WHAT YOU HAVE TO DO:
Go through the entries below and retype them exactly, omitting each picture.

Records from a data collection:
════════
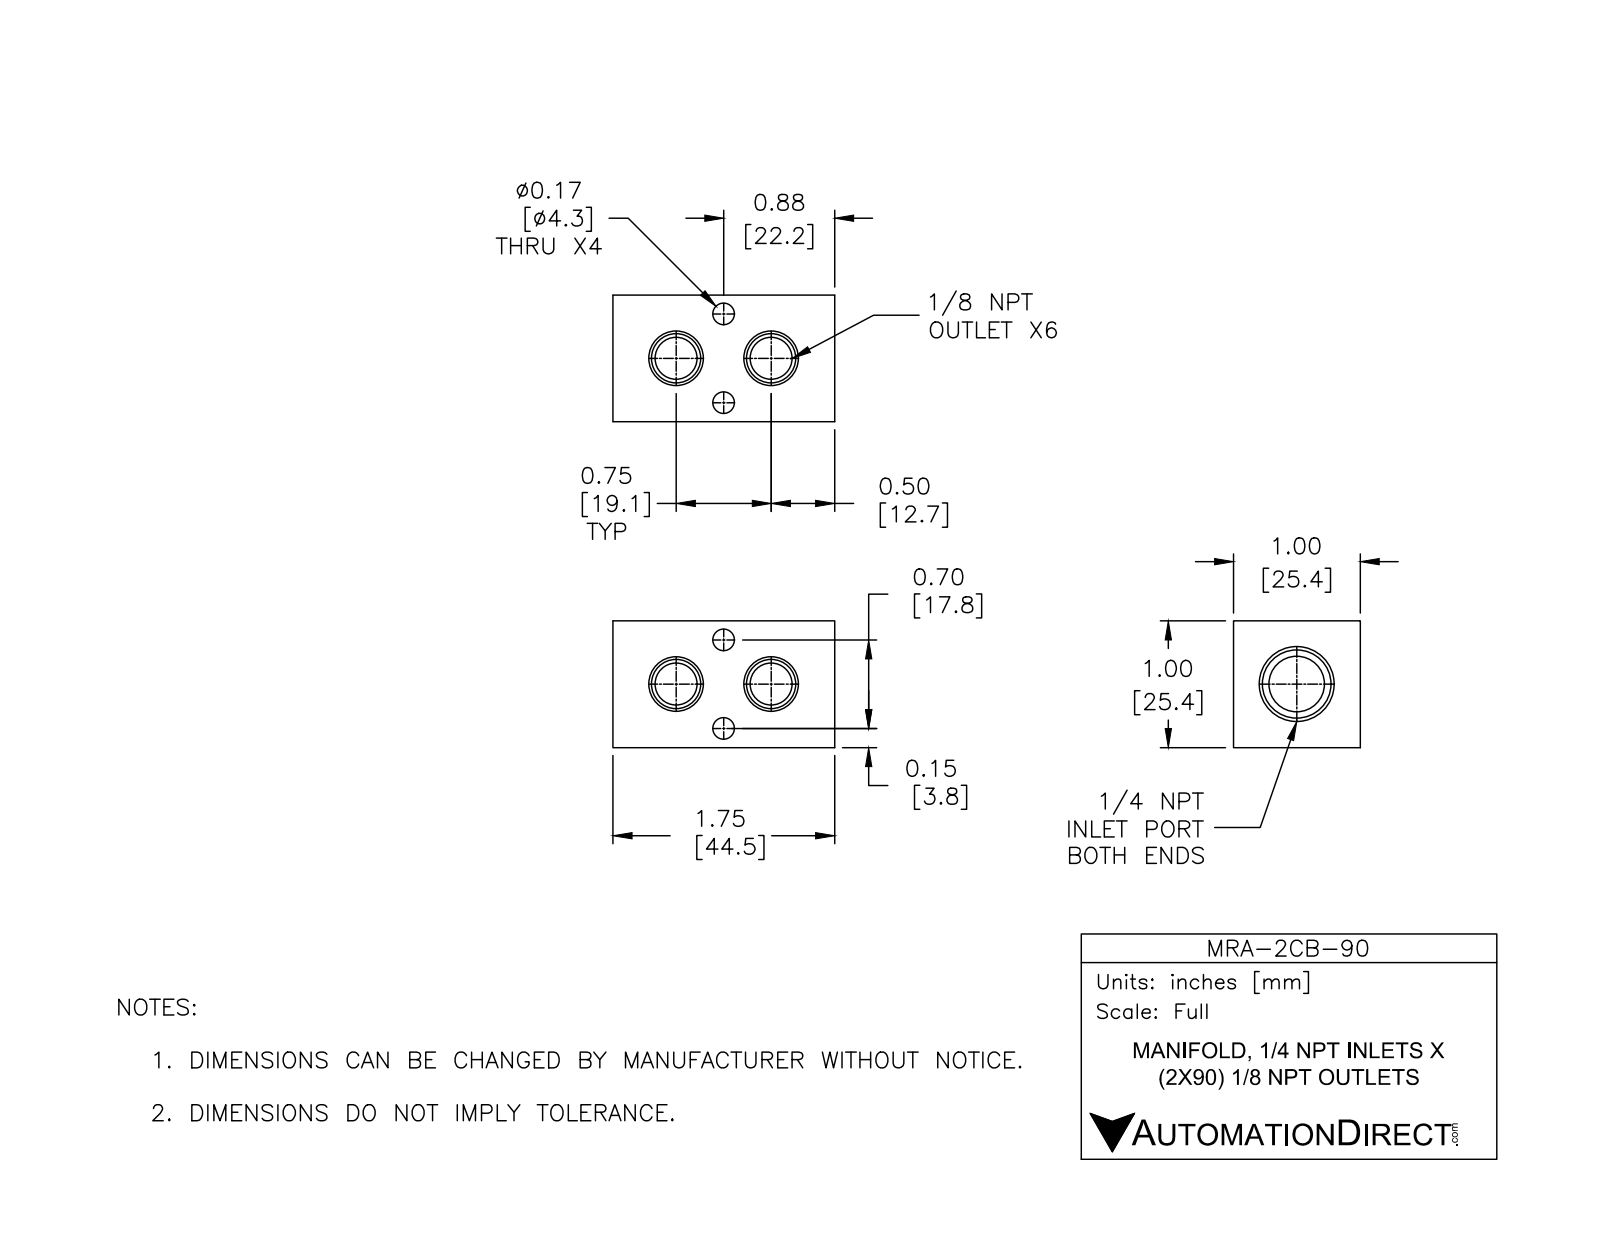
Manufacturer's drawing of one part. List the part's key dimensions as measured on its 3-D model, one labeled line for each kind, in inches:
Part name (STEP PRODUCT): MRA-2CB-90
STEP written by: SolidWorks 2015 (CONFIG_CONTROL_DESIGN)
Units: inches
Bodies: 1 solid, 72 faces (14 planar, 34 cylindrical, 24 other)
Overall size (bounding box): 1.75 × 1 × 1
Volume: 1.211 in³ · Surface area: 13.33 in²
Round holes (diameter × count): ⌀0.17 ×4, ⌀0.438 ×1
Partial cylindrical surfaces — rounded edges, fillets, slot ends (radius × count): R0.166 ×4
Main face-to-face distances: 1, 1.75, 0.27, 0.73, 0.39, 1.36, 0.97
Hole centre spacings: 0.7
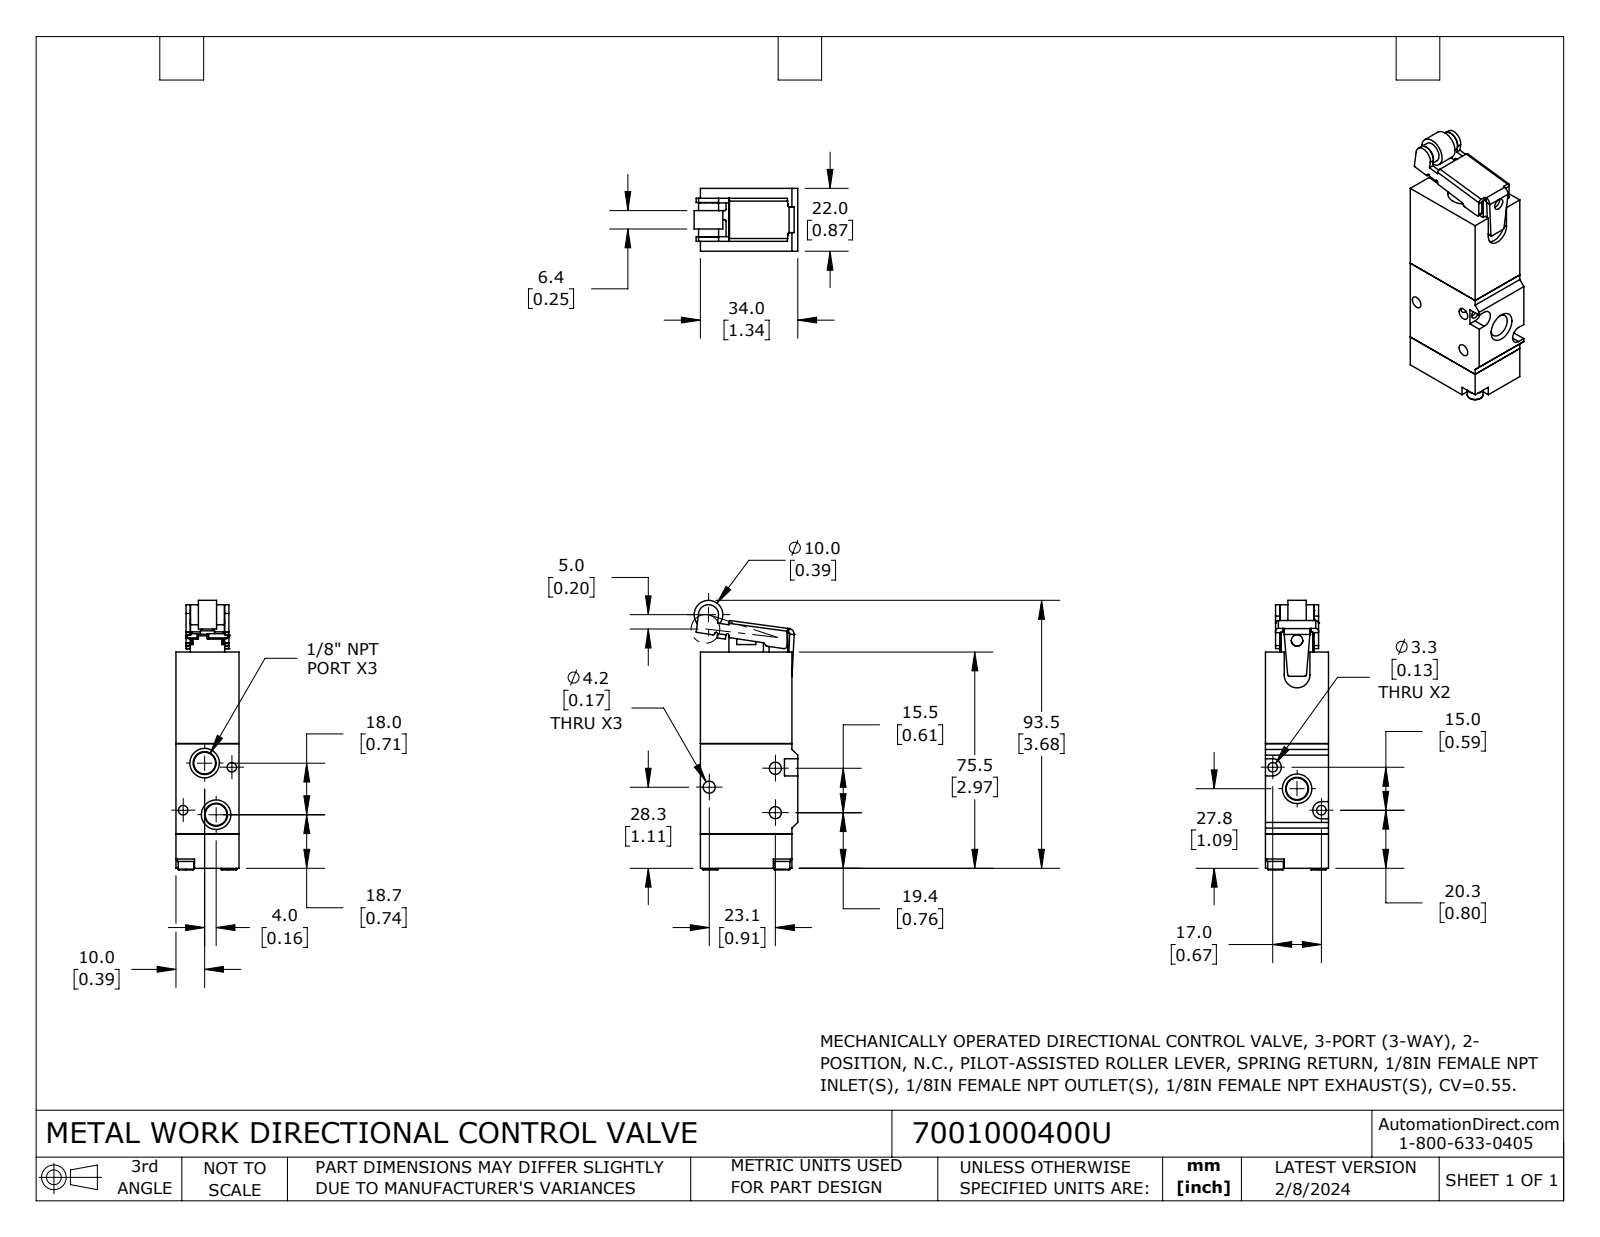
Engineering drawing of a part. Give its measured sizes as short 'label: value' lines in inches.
name: 7001000400U
written by: SolidWorks 2023 (CONFIG_CONTROL_DESIGN)
unit: in
bodies: 8 solids, 277 faces (138 planar, 95 cylindrical, 44 other)
size: 3.705 × 1.423 × 0.866
volume: 3.333 in³; area: 27.9 in²
holes: 3× ⌀0.165, 2× ⌀0.118, 2× ⌀0.13, 1× ⌀0.157
bosses: 2× ⌀0.236, 2× ⌀0.217, 1× ⌀0.472, 1× ⌀0.394, 1× ⌀0.276, 1× ⌀0.197, 1× ⌀0.12, 1× ⌀0.118
rounds: 15× R0.02, 4× R0.004, 4× R0.039, 2× R0.059, 2× R0.118, 1× R0.079, 1× R0.177
face distances: 0.866, 1.26, 1.24, 0.059, 0.472, 1.713, 0.138, 2.972, 2.5, 0.079
hole spacings: 0.61, 0.893, 0.946, 0.975, 1.148
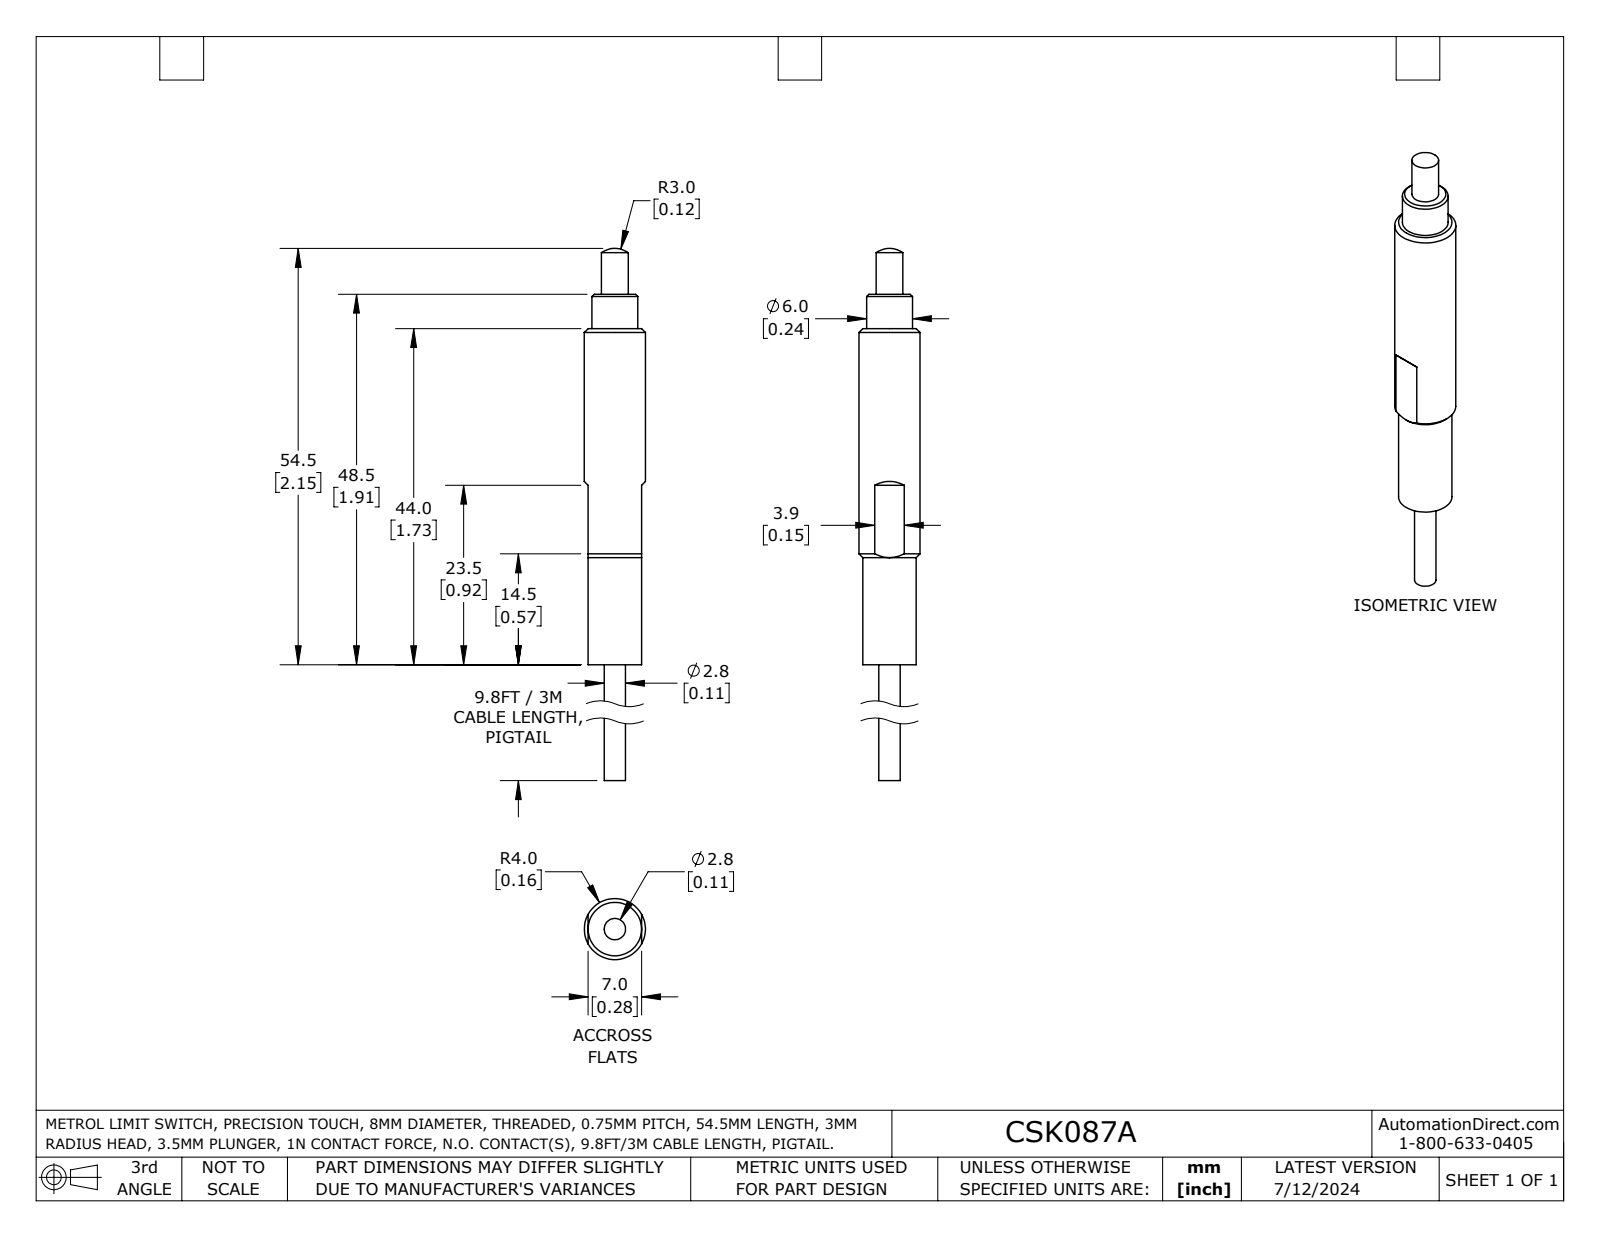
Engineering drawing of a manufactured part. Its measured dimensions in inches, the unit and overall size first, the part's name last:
════════
WRITTEN ANSWER:
Manufacturer's drawing of one part. List the part's key dimensions as measured on its 3-D model, one labeled line for each kind, in inches:
Part name (STEP PRODUCT): MRA-2CB-90
STEP written by: SolidWorks 2015 (CONFIG_CONTROL_DESIGN)
Units: inches
Bodies: 1 solid, 72 faces (14 planar, 34 cylindrical, 24 other)
Overall size (bounding box): 1.75 × 1 × 1
Volume: 1.211 in³ · Surface area: 13.33 in²
Round holes (diameter × count): ⌀0.17 ×4, ⌀0.438 ×1
Partial cylindrical surfaces — rounded edges, fillets, slot ends (radius × count): R0.166 ×4
Main face-to-face distances: 1, 1.75, 0.27, 0.73, 0.39, 1.36, 0.97
Hole centre spacings: 0.7
Engineering drawing of a part. Give its measured sizes as short 'label: value' lines in inches.
name: 7001000400U
written by: SolidWorks 2023 (CONFIG_CONTROL_DESIGN)
unit: in
bodies: 8 solids, 277 faces (138 planar, 95 cylindrical, 44 other)
size: 3.705 × 1.423 × 0.866
volume: 3.333 in³; area: 27.9 in²
holes: 3× ⌀0.165, 2× ⌀0.118, 2× ⌀0.13, 1× ⌀0.157
bosses: 2× ⌀0.236, 2× ⌀0.217, 1× ⌀0.472, 1× ⌀0.394, 1× ⌀0.276, 1× ⌀0.197, 1× ⌀0.12, 1× ⌀0.118
rounds: 15× R0.02, 4× R0.004, 4× R0.039, 2× R0.059, 2× R0.118, 1× R0.079, 1× R0.177
face distances: 0.866, 1.26, 1.24, 0.059, 0.472, 1.713, 0.138, 2.972, 2.5, 0.079
hole spacings: 0.61, 0.893, 0.946, 0.975, 1.148
Engineering drawing of a manufactured part. Its measured dimensions in inches, the unit and overall size first, the part's name last:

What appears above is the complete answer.